MARKETS SPECTATOR: Affirming the building blues

Boral has delivered a gloomy assessment of the Australian housing market, with the only upside being that it may cause policymakers to act.

If there were any doubts as to Australia’s weak housing sector, Boral today put paid to them.

Boral, which garners 80 per cent of revenues from Australia, says “there is continued weakness in the Australian housing sector”. The company’s construction materials and cement unit’s third quarter earnings were $19 million below forecast. Boral’s Australian building products and timber units are making less money than expected. Demand for brick and masonry is down from forecasts.

All this has contributed to Boral saying its 2013 net profit will now be between $90 million and $105 million, inclusive of extraordinary gains. At 12:50pm AEST the stock was down 8 cents, or 1.7 per cent, to $4.59. In contrast, the S&P/ASX 200 Index was up 44.10, or 0.9 per cent, to 5173.6. Boral’s stock is up 20 per cent in the last 12 months compared to the 18 per cent gain in the index.

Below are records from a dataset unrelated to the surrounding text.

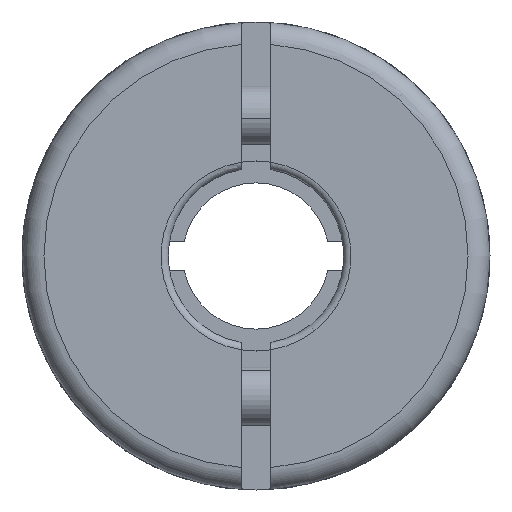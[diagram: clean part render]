
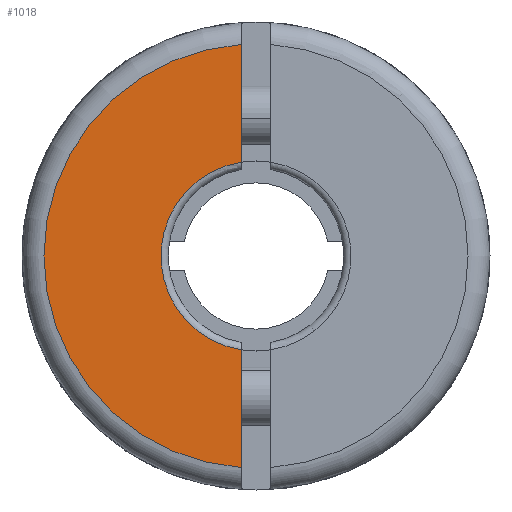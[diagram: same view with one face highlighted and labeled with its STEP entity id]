
A CAD part, left-side view. The second image highlights one B-rep face of the part: STEP entity #1018.
In plain terms, the highlighted planar face has unit normal (-1, 0, 0).
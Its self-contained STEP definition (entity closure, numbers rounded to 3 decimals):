
#413 = EDGE_CURVE ( 'NONE', #2156, #6637, #6844, .T. ) ;
#842 = CIRCLE ( 'NONE', #6869, 3.25 ) ;
#1018 = ADVANCED_FACE ( 'NONE', ( #4614 ), #5965, .F. ) ;
#1053 = DIRECTION ( 'NONE',  ( 0., 0., -1. ) ) ;
#1075 = CARTESIAN_POINT ( 'NONE',  ( 0., 0.5, -8. ) ) ;
#1142 = DIRECTION ( 'NONE',  ( 1., 0., 0. ) ) ;
#1298 = CARTESIAN_POINT ( 'NONE',  ( 0., 0.5, 7.233 ) ) ;
#1560 = VERTEX_POINT ( 'NONE', #2017 ) ;
#1702 = DIRECTION ( 'NONE',  ( -1., 0., 0. ) ) ;
#1716 = AXIS2_PLACEMENT_3D ( 'NONE', #3191, #1142, #4885 ) ;
#1995 = CARTESIAN_POINT ( 'NONE',  ( 0., 0.5, -3.211 ) ) ;
#2017 = CARTESIAN_POINT ( 'NONE',  ( 0., 0.5, 3.211 ) ) ;
#2156 = VERTEX_POINT ( 'NONE', #1995 ) ;
#2255 = CARTESIAN_POINT ( 'NONE',  ( 0., 0., 0. ) ) ;
#2364 = ORIENTED_EDGE ( 'NONE', *, *, #4406, .F. ) ;
#2739 = EDGE_CURVE ( 'NONE', #2156, #1560, #842, .T. ) ;
#2783 = DIRECTION ( 'NONE',  ( 0., 0., -1. ) ) ;
#3191 = CARTESIAN_POINT ( 'NONE',  ( 0., 0., 0. ) ) ;
#3364 = VECTOR ( 'NONE', #5162, 1000. ) ;
#3417 = LINE ( 'NONE', #4594, #3364 ) ;
#3630 = AXIS2_PLACEMENT_3D ( 'NONE', #4938, #1702, #5507 ) ;
#3823 = ORIENTED_EDGE ( 'NONE', *, *, #2739, .T. ) ;
#4406 = EDGE_CURVE ( 'NONE', #6305, #1560, #3417, .T. ) ;
#4594 = CARTESIAN_POINT ( 'NONE',  ( 0., 0.5, -8. ) ) ;
#4614 = FACE_OUTER_BOUND ( 'NONE', #5176, .T. ) ;
#4854 = CIRCLE ( 'NONE', #3630, 7.25 ) ;
#4885 = DIRECTION ( 'NONE',  ( 0., 0., -1. ) ) ;
#4938 = CARTESIAN_POINT ( 'NONE',  ( 0., 0., 0. ) ) ;
#5162 = DIRECTION ( 'NONE',  ( 0., 0., -1. ) ) ;
#5176 = EDGE_LOOP ( 'NONE', ( #6677, #5918, #3823, #2364 ) ) ;
#5507 = DIRECTION ( 'NONE',  ( 0., 0., -1. ) ) ;
#5918 = ORIENTED_EDGE ( 'NONE', *, *, #413, .F. ) ;
#5965 = PLANE ( 'NONE',  #1716 ) ;
#6105 = DIRECTION ( 'NONE',  ( 1., 0., 0. ) ) ;
#6305 = VERTEX_POINT ( 'NONE', #1298 ) ;
#6560 = EDGE_CURVE ( 'NONE', #6305, #6637, #4854, .T. ) ;
#6637 = VERTEX_POINT ( 'NONE', #6666 ) ;
#6666 = CARTESIAN_POINT ( 'NONE',  ( 0., 0.5, -7.233 ) ) ;
#6677 = ORIENTED_EDGE ( 'NONE', *, *, #6560, .T. ) ;
#6844 = LINE ( 'NONE', #1075, #6913 ) ;
#6869 = AXIS2_PLACEMENT_3D ( 'NONE', #2255, #6105, #2783 ) ;
#6913 = VECTOR ( 'NONE', #1053, 1000. ) ;
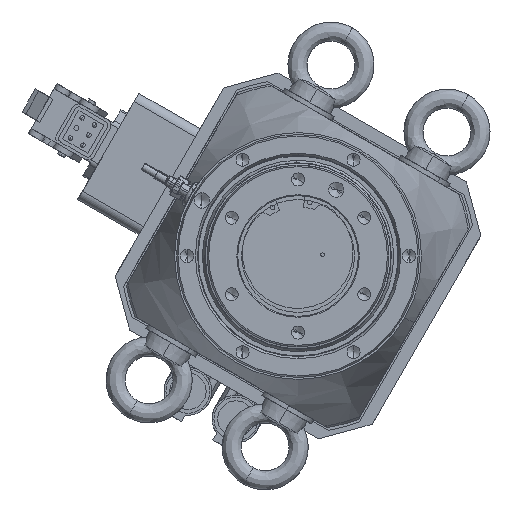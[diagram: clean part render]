
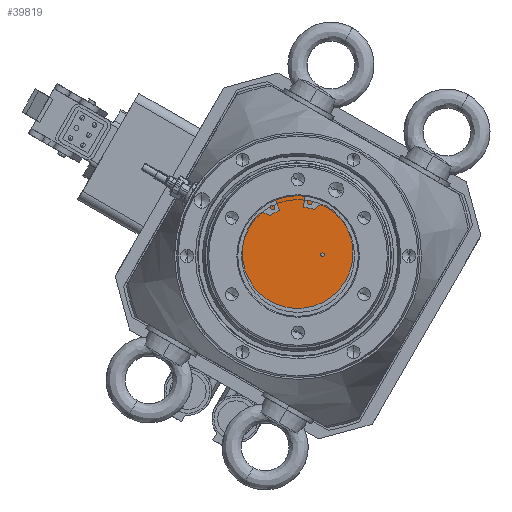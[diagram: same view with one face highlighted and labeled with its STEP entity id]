
A CAD part, front view. The second image highlights one B-rep face of the part: STEP entity #39819.
In plain terms, the highlighted planar face has unit normal (0, -1, 0).
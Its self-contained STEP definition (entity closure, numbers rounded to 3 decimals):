
#1579 = DIRECTION ( 'NONE',  ( 0., 1., 0. ) ) ;
#2160 = ORIENTED_EDGE ( 'NONE', *, *, #17254, .T. ) ;
#3389 = VERTEX_POINT ( 'NONE', #28946 ) ;
#4422 = DIRECTION ( 'NONE',  ( -0.866, 0., 0.5 ) ) ;
#10384 = CARTESIAN_POINT ( 'NONE',  ( 84.067, -247.879, 97.791 ) ) ;
#12253 = ORIENTED_EDGE ( 'NONE', *, *, #39113, .F. ) ;
#13505 = AXIS2_PLACEMENT_3D ( 'NONE', #24056, #43567, #37801 ) ;
#13736 = CARTESIAN_POINT ( 'NONE',  ( 84.067, -247.879, 97.791 ) ) ;
#14594 = DIRECTION ( 'NONE',  ( -0.866, 0., 0.5 ) ) ;
#17254 = EDGE_CURVE ( 'NONE', #36706, #42634, #48003, .T. ) ;
#17258 = VERTEX_POINT ( 'NONE', #49102 ) ;
#17450 = EDGE_LOOP ( 'NONE', ( #2160, #49158 ) ) ;
#20409 = AXIS2_PLACEMENT_3D ( 'NONE', #10384, #58333, #14594 ) ;
#21172 = DIRECTION ( 'NONE',  ( -0.866, 0., 0.5 ) ) ;
#24056 = CARTESIAN_POINT ( 'NONE',  ( 71.219, -247.879, 97.194 ) ) ;
#24765 = EDGE_LOOP ( 'NONE', ( #12253, #56279 ) ) ;
#28648 = EDGE_CURVE ( 'NONE', #42634, #36706, #55399, .T. ) ;
#28946 = CARTESIAN_POINT ( 'NONE',  ( 43.939, -247.879, 112.944 ) ) ;
#31884 = FACE_BOUND ( 'NONE', #17450, .T. ) ;
#33504 = DIRECTION ( 'NONE',  ( 0., 1., 0. ) ) ;
#35980 = AXIS2_PLACEMENT_3D ( 'NONE', #45435, #1579, #21172 ) ;
#36706 = VERTEX_POINT ( 'NONE', #49023 ) ;
#37626 = CARTESIAN_POINT ( 'NONE',  ( 83.2, -247.879, 98.291 ) ) ;
#37801 = DIRECTION ( 'NONE',  ( -0.866, 0., 0.5 ) ) ;
#39113 = EDGE_CURVE ( 'NONE', #17258, #3389, #43111, .T. ) ;
#39819 = ADVANCED_FACE ( 'NONE', ( #53258, #31884 ), #51448, .F. ) ;
#42069 = AXIS2_PLACEMENT_3D ( 'NONE', #13736, #33504, #4422 ) ;
#42634 = VERTEX_POINT ( 'NONE', #37626 ) ;
#43111 = CIRCLE ( 'NONE', #13505, 31.5 ) ;
#43567 = DIRECTION ( 'NONE',  ( 0., 1., 0. ) ) ;
#45435 = CARTESIAN_POINT ( 'NONE',  ( 71.219, -247.879, 97.194 ) ) ;
#48003 = CIRCLE ( 'NONE', #20409, 1. ) ;
#48767 = DIRECTION ( 'NONE',  ( 0., 1., 0. ) ) ;
#49023 = CARTESIAN_POINT ( 'NONE',  ( 84.933, -247.879, 97.291 ) ) ;
#49102 = CARTESIAN_POINT ( 'NONE',  ( 98.499, -247.879, 81.444 ) ) ;
#49158 = ORIENTED_EDGE ( 'NONE', *, *, #28648, .T. ) ;
#49304 = EDGE_CURVE ( 'NONE', #3389, #17258, #57463, .T. ) ;
#49379 = CARTESIAN_POINT ( 'NONE',  ( 71.219, -247.879, 97.194 ) ) ;
#51448 = PLANE ( 'NONE',  #62660 ) ;
#53258 = FACE_OUTER_BOUND ( 'NONE', #24765, .T. ) ;
#54195 = DIRECTION ( 'NONE',  ( -0.866, 0., 0.5 ) ) ;
#55399 = CIRCLE ( 'NONE', #42069, 1. ) ;
#56279 = ORIENTED_EDGE ( 'NONE', *, *, #49304, .F. ) ;
#57463 = CIRCLE ( 'NONE', #35980, 31.5 ) ;
#58333 = DIRECTION ( 'NONE',  ( 0., 1., 0. ) ) ;
#62660 = AXIS2_PLACEMENT_3D ( 'NONE', #49379, #48767, #54195 ) ;

Boral’s focus is now cost cutting. But the company can do little to immediately improve its cost-to-income ratio. It has fired 1000 people. It is trying to sell as much as $300 million worth of assets including land by the end of the next financial year, in 2014. The company is delaying or reducing its capital expenditure.

The silver lining for investors is that Boral’s statement today gives further ammunition to the Reserve Bank to cut its benchmark cash rate. That may help underpin the market.